They both fell silent.

“I’m sorry brunch was so weird,” said Ted. “I was going to tell you about Catherine.”

“Oh, it’s OK,” said Penelope. “You didn’t have to, ever.”

“There just didn’t seem to be an opportunity, you know? I
wanted to tell you walking over to chorus, but it just really didn’t seem like the right time. And then, brunch. I don’t know. Those guys were so weird about it. It wasn’t like I planned on hooking up with her. I even wanted to hang out with you but you had to go home.”

“I had to go home because someone vomited on my shoes,” said Penelope.

“Yeah, that guy you made out with. I can’t believe you made out with him.”

“Well,” said Penelope, “it was the result of an inevitable chain of events.”

“It just sort of happened,” Ted continued. “We got back to the room and one thing led to another. I was so drunk. She tried to have sex with me on the couch in the common room!”

“Wow,” said Penelope.

“Then we went into my room. It was so weird this morning,” said Ted.

“Hmm,” said Penelope.

“I just got out of there as fast as possible,” said Ted. “I sort of knew we didn’t have practice today but I wasn’t sure. She kept grabbing hold of my legs with her legs all night.”

It was at this moment Penelope realized that these confessions were not only embarrassing her, but they were making her rather piqued. She couldn’t really say why. Maybe it was because she had forgiven but not forgotten the Helen of Troy incident. Maybe it was because she thought they were in bad taste.

Ted stared at the floor for some minutes. Then he said, “Well, I should probably be going.”

“Really?” said Penelope. She hoped she sounded sufficiently regretful.

“Yeah,” said Ted. “I have huge amounts of work to do. I will probably never get it all done in time.”

“OK,” said Penelope.

“So I’ll see you at chorus tryouts tomorrow?” asked Ted.
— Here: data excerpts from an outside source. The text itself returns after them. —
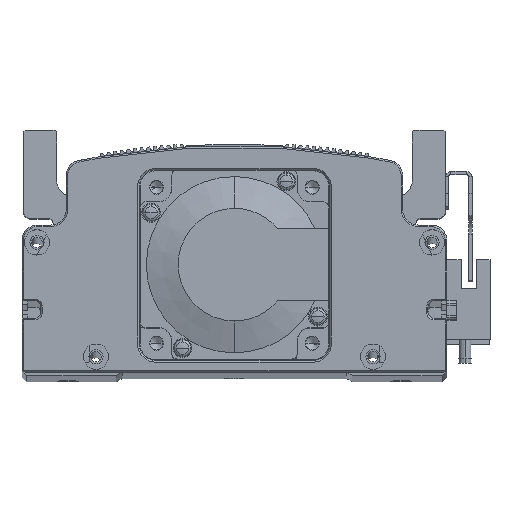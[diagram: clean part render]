
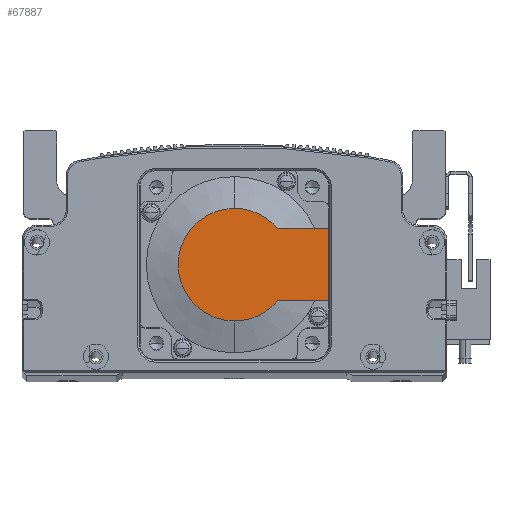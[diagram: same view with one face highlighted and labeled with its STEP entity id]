
A CAD part, top view. The second image highlights one B-rep face of the part: STEP entity #67887.
In plain terms, the highlighted planar face has unit normal (0, 0, 1) as drawn and (-1, 0, 0) by its records, which use the part's own axes.
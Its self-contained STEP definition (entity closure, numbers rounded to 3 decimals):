
#51 = AXIS2_PLACEMENT_3D ( 'NONE', #41567, #14266, #51521 ) ;
#2570 = CIRCLE ( 'NONE', #22355, 17.881 ) ;
#3875 = CARTESIAN_POINT ( 'NONE',  ( -118.5, -8.941, -11.45 ) ) ;
#5355 = ORIENTED_EDGE ( 'NONE', *, *, #35540, .T. ) ;
#8079 = DIRECTION ( 'NONE',  ( 0., 0., 1. ) ) ;
#8662 = CARTESIAN_POINT ( 'NONE',  ( -118.5, 30., 25. ) ) ;
#10582 = EDGE_CURVE ( 'NONE', #55449, #53060, #46272, .T. ) ;
#13955 = PLANE ( 'NONE',  #19568 ) ;
#14266 = DIRECTION ( 'NONE',  ( -1., 0., 0. ) ) ;
#14601 = CIRCLE ( 'NONE', #28634, 17.881 ) ;
#14701 = DIRECTION ( 'NONE',  ( -1., 0., 0. ) ) ;
#17051 = CARTESIAN_POINT ( 'NONE',  ( -118.5, 0., 11.45 ) ) ;
#17168 = VECTOR ( 'NONE', #19484, 1000. ) ;
#18426 = ORIENTED_EDGE ( 'NONE', *, *, #10582, .T. ) ;
#19125 = DIRECTION ( 'NONE',  ( -1., 0., 0. ) ) ;
#19484 = DIRECTION ( 'NONE',  ( 0., 0., 1. ) ) ;
#19568 = AXIS2_PLACEMENT_3D ( 'NONE', #61434, #19125, #8079 ) ;
#20107 = DIRECTION ( 'NONE',  ( 0., 0., -1. ) ) ;
#21628 = ORIENTED_EDGE ( 'NONE', *, *, #31241, .F. ) ;
#22031 = DIRECTION ( 'NONE',  ( 0., -1., 0. ) ) ;
#22355 = AXIS2_PLACEMENT_3D ( 'NONE', #47238, #14701, #20107 ) ;
#22484 = EDGE_CURVE ( 'NONE', #49557, #28702, #31298, .T. ) ;
#27833 = CARTESIAN_POINT ( 'NONE',  ( -118.5, 30., 11.45 ) ) ;
#28634 = AXIS2_PLACEMENT_3D ( 'NONE', #45565, #40349, #41034 ) ;
#28702 = VERTEX_POINT ( 'NONE', #52681 ) ;
#29380 = ORIENTED_EDGE ( 'NONE', *, *, #22484, .T. ) ;
#29689 = CARTESIAN_POINT ( 'NONE',  ( -118.5, 0., -17.881 ) ) ;
#30944 = CARTESIAN_POINT ( 'NONE',  ( -118.5, 30., -11.45 ) ) ;
#31241 = EDGE_CURVE ( 'NONE', #55449, #56605, #36584, .T. ) ;
#31298 = CIRCLE ( 'NONE', #51, 17.881 ) ;
#32253 = ORIENTED_EDGE ( 'NONE', *, *, #50772, .T. ) ;
#33216 = CARTESIAN_POINT ( 'NONE',  ( -118.5, 13.735, 11.45 ) ) ;
#33989 = EDGE_CURVE ( 'NONE', #56605, #39956, #51917, .T. ) ;
#35043 = FACE_OUTER_BOUND ( 'NONE', #48025, .T. ) ;
#35540 = EDGE_CURVE ( 'NONE', #28702, #39956, #14601, .T. ) ;
#36584 = LINE ( 'NONE', #8662, #17168 ) ;
#39956 = VERTEX_POINT ( 'NONE', #33216 ) ;
#40349 = DIRECTION ( 'NONE',  ( -1., 0., 0. ) ) ;
#41034 = DIRECTION ( 'NONE',  ( 0., 0., -1. ) ) ;
#41567 = CARTESIAN_POINT ( 'NONE',  ( -118.5, 0., 0. ) ) ;
#42626 = VECTOR ( 'NONE', #22031, 1000. ) ;
#45565 = CARTESIAN_POINT ( 'NONE',  ( -118.5, 0., 0. ) ) ;
#46272 = LINE ( 'NONE', #3875, #60703 ) ;
#47238 = CARTESIAN_POINT ( 'NONE',  ( -118.5, 0., 0. ) ) ;
#48025 = EDGE_LOOP ( 'NONE', ( #18426, #32253, #29380, #5355, #58295, #21628 ) ) ;
#49557 = VERTEX_POINT ( 'NONE', #29689 ) ;
#50772 = EDGE_CURVE ( 'NONE', #53060, #49557, #2570, .T. ) ;
#51521 = DIRECTION ( 'NONE',  ( 0., 0., -1. ) ) ;
#51917 = LINE ( 'NONE', #17051, #42626 ) ;
#52681 = CARTESIAN_POINT ( 'NONE',  ( -118.5, 0., 17.881 ) ) ;
#52906 = DIRECTION ( 'NONE',  ( 0., -1., 0. ) ) ;
#53060 = VERTEX_POINT ( 'NONE', #59347 ) ;
#55449 = VERTEX_POINT ( 'NONE', #30944 ) ;
#56605 = VERTEX_POINT ( 'NONE', #27833 ) ;
#58295 = ORIENTED_EDGE ( 'NONE', *, *, #33989, .F. ) ;
#59347 = CARTESIAN_POINT ( 'NONE',  ( -118.5, 13.735, -11.45 ) ) ;
#60703 = VECTOR ( 'NONE', #52906, 1000. ) ;
#61434 = CARTESIAN_POINT ( 'NONE',  ( -118.5, -8.941, 0. ) ) ;
#67887 = ADVANCED_FACE ( 'NONE', ( #35043 ), #13955, .T. ) ;

“Oh, uh, OK,” said Penelope. That sounded like a catalog of
horrors. Penelope decided she would fake a sickness to get out of it. Perhaps an ear infection.

“Good,” said Ted. “Well. Bye.”

“Bye!” said Penelope

Ted walked out the door. Penelope opened up her laptop and returned to her movie.

4.
In Which Penelope Reaches the Zenith of Her Literary Ambitions

“Hey, guys. I’m Jared. I’ll be your Counting People TF this semester. Welcome.” Jared started clapping, and shortly, everyone else followed suit, including Penelope, even though Raymond had bit her hand that morning and it still ached. Lan said she thought he had rabies. Penelope hoped that wasn’t true.

It was the first week of discussion sections and official homework. Harvard had a lot of lecture classes, and in order to compensate for the lack of individual attention associated with that format, each lecture class also had a once-a-week mandatory discussion section taught by TFs, or teaching fellows. These were usually graduate students who had specialization in the class’s material.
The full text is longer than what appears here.